(Items listed in a dataset)
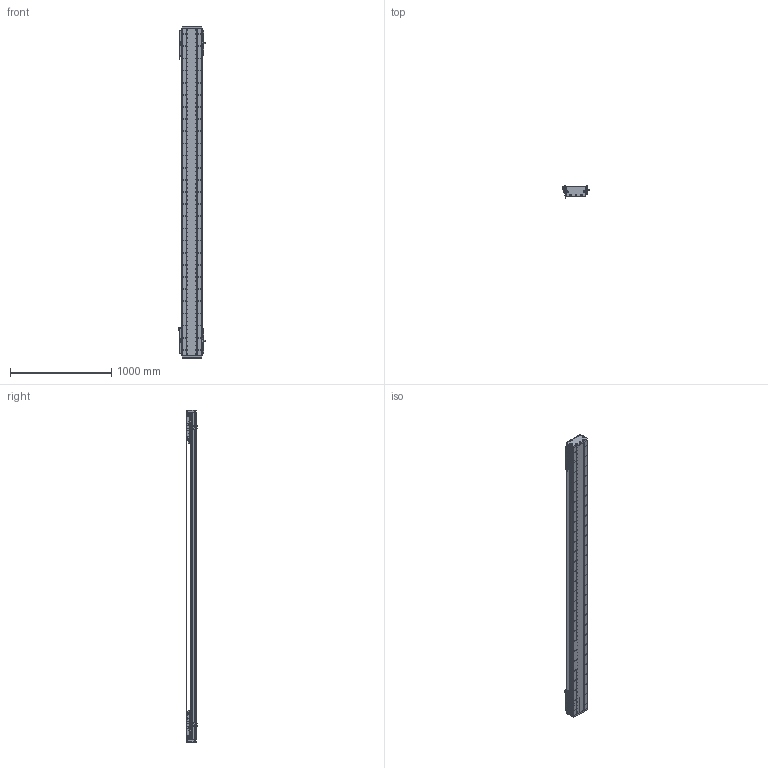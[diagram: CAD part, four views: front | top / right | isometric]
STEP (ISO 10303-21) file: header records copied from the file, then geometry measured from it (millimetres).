
FILE_DESCRIPTION (( 'STEP AP203' ), '1' );
FILE_NAME ('DA-C195-2-C3-T2660-C010-0.2 眻盄萇儂.STEP', '2025-08-15T00:51:32', ( '' ), ( '' ), 'SwSTEP 2.0', 'SolidWorks 2019', '' );
FILE_SCHEMA (( 'CONFIG_CONTROL_DESIGN' ));
Length unit declared in the file: millimetre
Products named in the file (19): DA165-GYP-00 光电感应片(默认); CU195-C3賑輸-俋楷; IU-CU195-L 菁釱絳寢; DA95-HXJ-00 遣喳砎蝶; DKW-GYP-ZJ-00 笢潔嫖萇覜茼え; DA195詩湍菜輸; DA195詩湍嶺輸; IU-CU195-L-00 菁釱(L3240); PM-T45ㄗ侂狟ㄘ; MS200 棠掑喜S315-T240; DA195詩湍郪璃; DA-C195-2-C3-T2660-C010-0.2 眻盄萇儂; LMT黍杅芛; DKW168-HXJ-ZJ-00 笢潔滅袉砎蝶; PM-Y65嫖萇羲壽郪璃; DKW-KGZ-ZJ-00 中间光电开关支架; DA-C195-GD-DB-H-00 傷啣; 葩璃 DA95-GT-T-00; DA195詩湍裔啣
Assembly tree (37 placements, depth 3):
  DA-C195-2-C3-T2660-C010-0.2 眻盄萇儂
    DA195詩湍郪璃
      DA195詩湍菜輸  x2
      DA195詩湍裔啣
      DA195詩湍嶺輸  x2
      DA95-HXJ-00 遣喳砎蝶  x8
      DA-C195-GD-DB-H-00 傷啣  x2
    IU-CU195-L 菁釱絳寢
      IU-CU195-L-00 菁釱(L3240)
      葩璃 DA95-GT-T-00  x4
    LMT黍杅芛  x2
    MS200 棠掑喜S315-T240
    PM-T45ㄗ侂狟ㄘ  x4
    DA165-GYP-00 光电感应片(默认)  x2
    PM-Y65嫖萇羲壽郪璃
    DKW168-HXJ-ZJ-00 笢潔滅袉砎蝶
    DKW-GYP-ZJ-00 笢潔嫖萇覜茼え
    DKW-KGZ-ZJ-00 中间光电开关支架
    CU195-C3賑輸-俋楷  x2
Bounding box: 258.2 x 115.45 x 3280 mm (x, y, z)
Volume: 20346286.2 mm3; surface area: 5902335.9 mm2
Topology: 154 solids, 218 shells, 7159 faces, 19455 edges, 12165 vertices
Faces by surface type: cylinder 3546, plane 2561, cone 884, torus 88, sphere 72, bspline 8
Entity records: 163585 total; most frequent: CARTESIAN_POINT 45433, ORIENTED_EDGE 24926, DIRECTION 23400, EDGE_CURVE 12463, AXIS2_PLACEMENT_3D 8641, VERTEX_POINT 8090, VECTOR 6118, LINE 6118
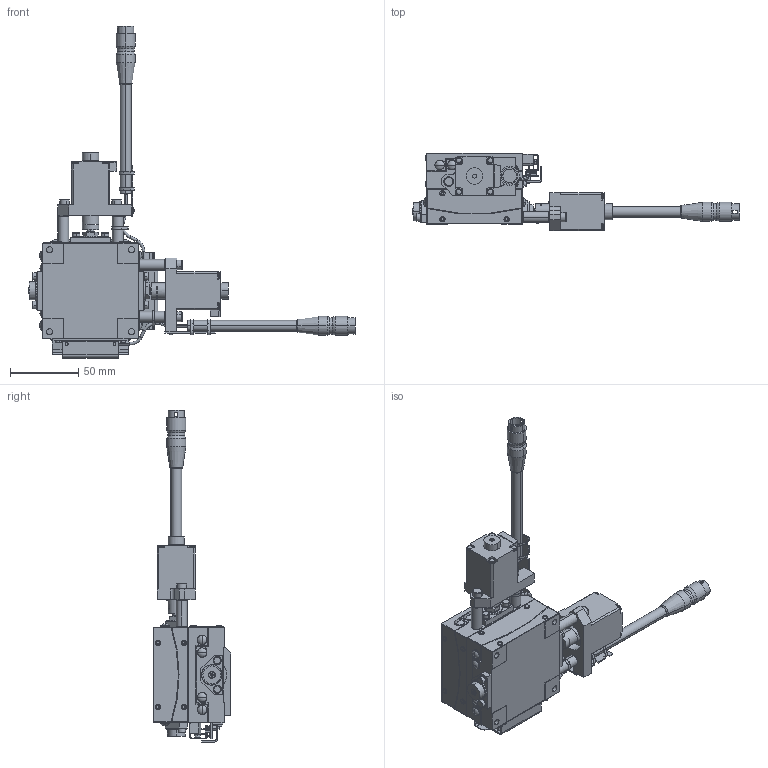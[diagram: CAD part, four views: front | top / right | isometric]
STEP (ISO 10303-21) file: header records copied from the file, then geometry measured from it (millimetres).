
FILE_DESCRIPTION (( 'STEP AP214' ), '1' );
FILE_NAME ('KAB07096AT-LC.STEP', '2024-04-17T08:21:04', ( '' ), ( '' ), 'SwSTEP 2.0', 'SolidWorks 2017', '' );
FILE_SCHEMA (( 'AUTOMOTIVE_DESIGN' ));
Length unit declared in the file: millimetre
Products named in the file (9): KGB07122AT-LC; KGB-BASE-07096-L; KGB-BASE-07122-L; KGB-70-T-12-L; KGB07096AT-LC; KAB07096AT-LC; KGB-70-C-L; KGB-TOP-07096-L; KGB-TOP-07122-L
Assembly tree (10 placements, depth 3):
  KAB07096AT-LC
    KGB07122AT-LC
      KGB-BASE-07122-L
      KGB-TOP-07122-L
      KGB-70-C-L
      KGB-70-T-12-L
    KGB07096AT-LC
      KGB-BASE-07096-L
      KGB-TOP-07096-L
      KGB-70-C-L
      KGB-70-T-12-L
Bounding box: 239.4 x 57 x 243.2 mm (x, y, z)
Volume: 351256.9 mm3; surface area: 124299.4 mm2
Topology: 16 solids, 89 shells, 2713 faces, 6720 edges, 4332 vertices
Faces by surface type: plane 1415, cylinder 908, cone 214, torus 100, sphere 44, bspline 32
Entity records: 73616 total; most frequent: CARTESIAN_POINT 13755, DIRECTION 12723, ORIENTED_EDGE 11794, EDGE_CURVE 5897, AXIS2_PLACEMENT_3D 4474, VERTEX_POINT 3854, VECTOR 3775, LINE 3775
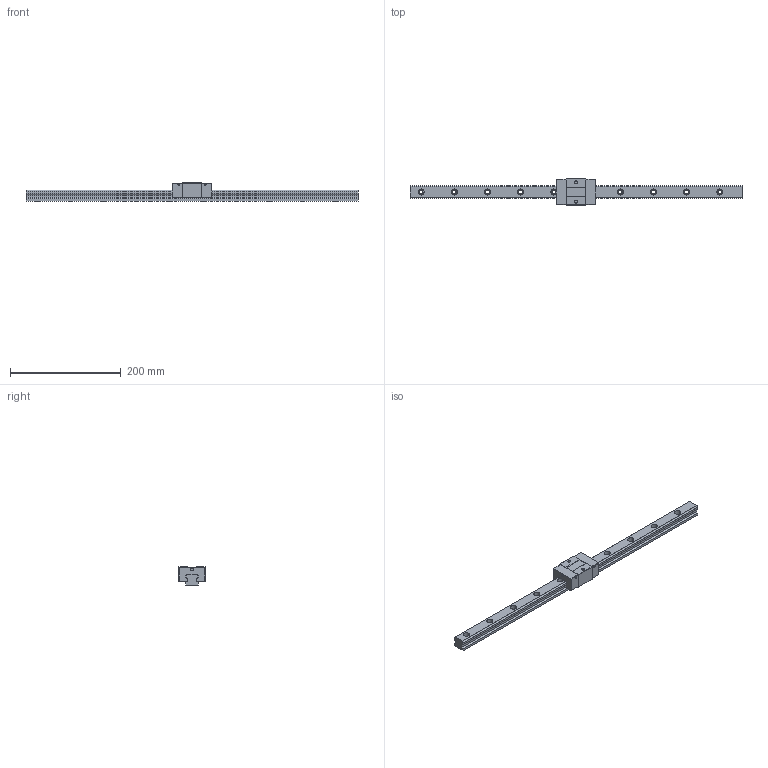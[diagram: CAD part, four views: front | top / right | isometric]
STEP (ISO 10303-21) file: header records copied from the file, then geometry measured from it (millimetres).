
FILE_DESCRIPTION (( 'STEP AP203' ), '1' );
FILE_NAME ('TRS25VS-SZ.STEP', '2024-07-11T08:26:24', ( '' ), ( '' ), 'SwSTEP 2.0', 'SolidWorks 2022', '' );
FILE_SCHEMA (( 'CONFIG_CONTROL_DESIGN' ));
Length unit declared in the file: millimetre
Products named in the file (1): TRS25VS-SZ
Bounding box: 600 x 48 x 33 mm (x, y, z)
Volume: 302938.3 mm3; surface area: 74314.1 mm2
Topology: 2 solids, 2 shells, 186 faces, 484 edges, 320 vertices
Faces by surface type: plane 94, cylinder 92
Entity records: 5863 total; most frequent: DIRECTION 1042, CARTESIAN_POINT 991, ORIENTED_EDGE 968, EDGE_CURVE 484, AXIS2_PLACEMENT_3D 371, VERTEX_POINT 320, VECTOR 300, LINE 300
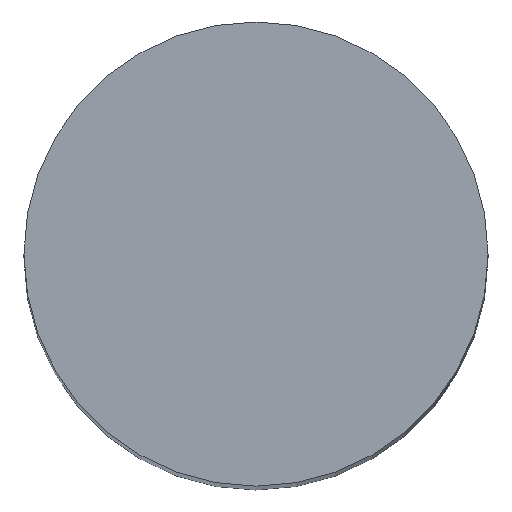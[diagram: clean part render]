
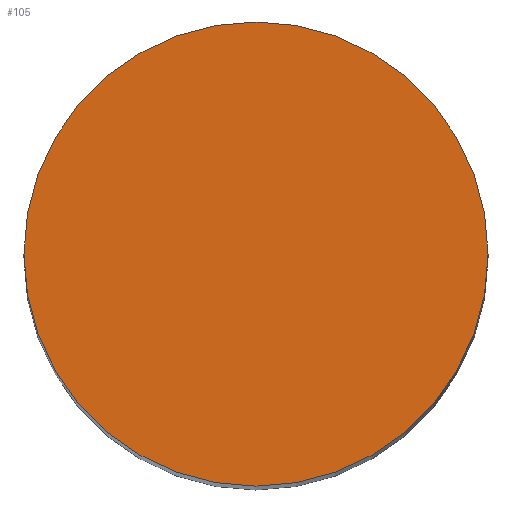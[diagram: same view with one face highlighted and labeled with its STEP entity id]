
A CAD part, top view. The second image highlights one B-rep face of the part: STEP entity #105.
In plain terms, the highlighted planar face has unit normal (0, 0, 1).
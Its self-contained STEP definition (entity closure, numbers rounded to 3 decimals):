
#21 = EDGE_CURVE('',#22,#22,#24,.T.);
#22 = VERTEX_POINT('',#23);
#23 = CARTESIAN_POINT('',(-3.61,-9.428,-4.1));
#24 = SURFACE_CURVE('',#25,(#30,#42),.PCURVE_S1.);
#25 = CIRCLE('',#26,0.2);
#26 = AXIS2_PLACEMENT_3D('',#27,#28,#29);
#27 = CARTESIAN_POINT('',(-3.81,-9.428,-4.1));
#28 = DIRECTION('',(0.,0.,1.));
#29 = DIRECTION('',(1.,0.,-0.));
#30 = PCURVE('',#31,#36);
#31 = CYLINDRICAL_SURFACE('',#32,0.2);
#32 = AXIS2_PLACEMENT_3D('',#33,#34,#35);
#33 = CARTESIAN_POINT('',(-3.81,-9.428,-6.));
#34 = DIRECTION('',(0.,0.,1.));
#35 = DIRECTION('',(1.,0.,-0.));
#36 = DEFINITIONAL_REPRESENTATION('',(#37),#41);
#37 = LINE('',#38,#39);
#38 = CARTESIAN_POINT('',(0.,1.9));
#39 = VECTOR('',#40,1.);
#40 = DIRECTION('',(1.,0.));
#41 = ( GEOMETRIC_REPRESENTATION_CONTEXT(2) 
PARAMETRIC_REPRESENTATION_CONTEXT() REPRESENTATION_CONTEXT('2D SPACE',''
  ) );
#42 = PCURVE('',#43,#48);
#43 = PLANE('',#44);
#44 = AXIS2_PLACEMENT_3D('',#45,#46,#47);
#45 = CARTESIAN_POINT('',(-3.81,-9.428,-4.1));
#46 = DIRECTION('',(0.,0.,1.));
#47 = DIRECTION('',(1.,0.,-0.));
#48 = DEFINITIONAL_REPRESENTATION('',(#49),#53);
#49 = CIRCLE('',#50,0.2);
#50 = AXIS2_PLACEMENT_2D('',#51,#52);
#51 = CARTESIAN_POINT('',(0.,0.));
#52 = DIRECTION('',(1.,0.));
#53 = ( GEOMETRIC_REPRESENTATION_CONTEXT(2) 
PARAMETRIC_REPRESENTATION_CONTEXT() REPRESENTATION_CONTEXT('2D SPACE',''
  ) );
#105 = ADVANCED_FACE('',(#106),#43,.T.);
#106 = FACE_BOUND('',#107,.T.);
#107 = EDGE_LOOP('',(#108));
#108 = ORIENTED_EDGE('',*,*,#21,.T.);
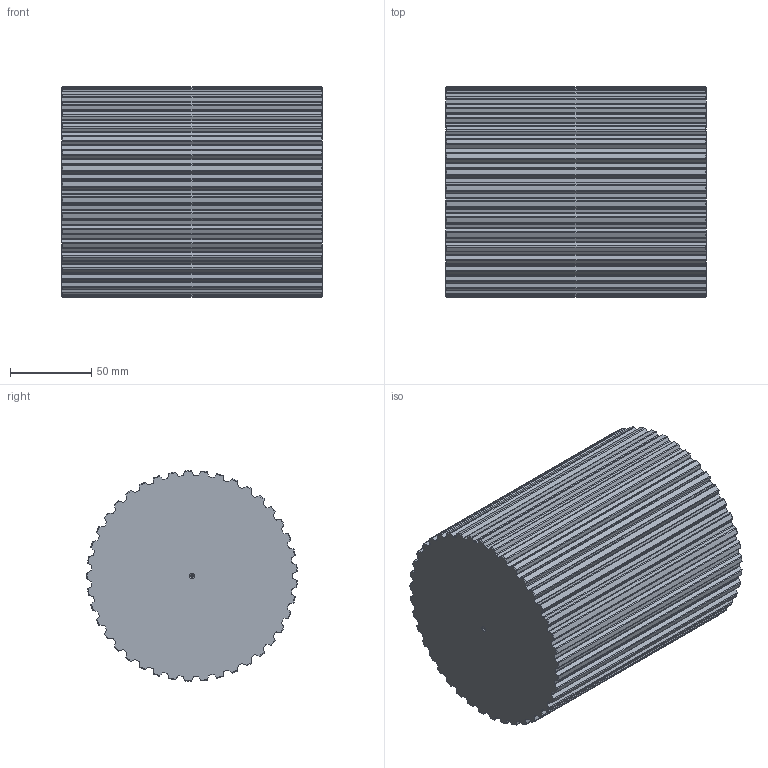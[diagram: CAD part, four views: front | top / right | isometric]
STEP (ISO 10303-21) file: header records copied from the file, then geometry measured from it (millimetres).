
FILE_DESCRIPTION(('STEP AP203'),'1');
FILE_NAME('barat_41.stp','2019-11-28T14:43:42',('TraceParts'),('TraceParts S.A.'),'Spatial InterOp 3D',' ',' ');
FILE_SCHEMA(('CONFIG_CONTROL_DESIGN'));
Length unit declared in the file: millimetre
Products named in the file (1): 1
Bounding box: 160 x 129.42 x 129.5 mm (x, y, z)
Volume: 2020179.7 mm3; surface area: 109837 mm2
Topology: 1 solids, 1 shells, 426 faces, 1264 edges, 838 vertices
Faces by surface type: cylinder 250, cone 92, plane 84
Entity records: 15370 total; most frequent: CARTESIAN_POINT 4329, ORIENTED_EDGE 2520, DIRECTION 2212, EDGE_CURVE 1260, AXIS2_PLACEMENT_3D 853, VERTEX_POINT 838, LINE 506, VECTOR 506

| Exercise instructions |
Show a copy of each line from the records above in which the string "tree" occurs.

| Result of the exercise |
Assembly tree (37 placements, depth 3):
Assembly tree (10 placements, depth 3):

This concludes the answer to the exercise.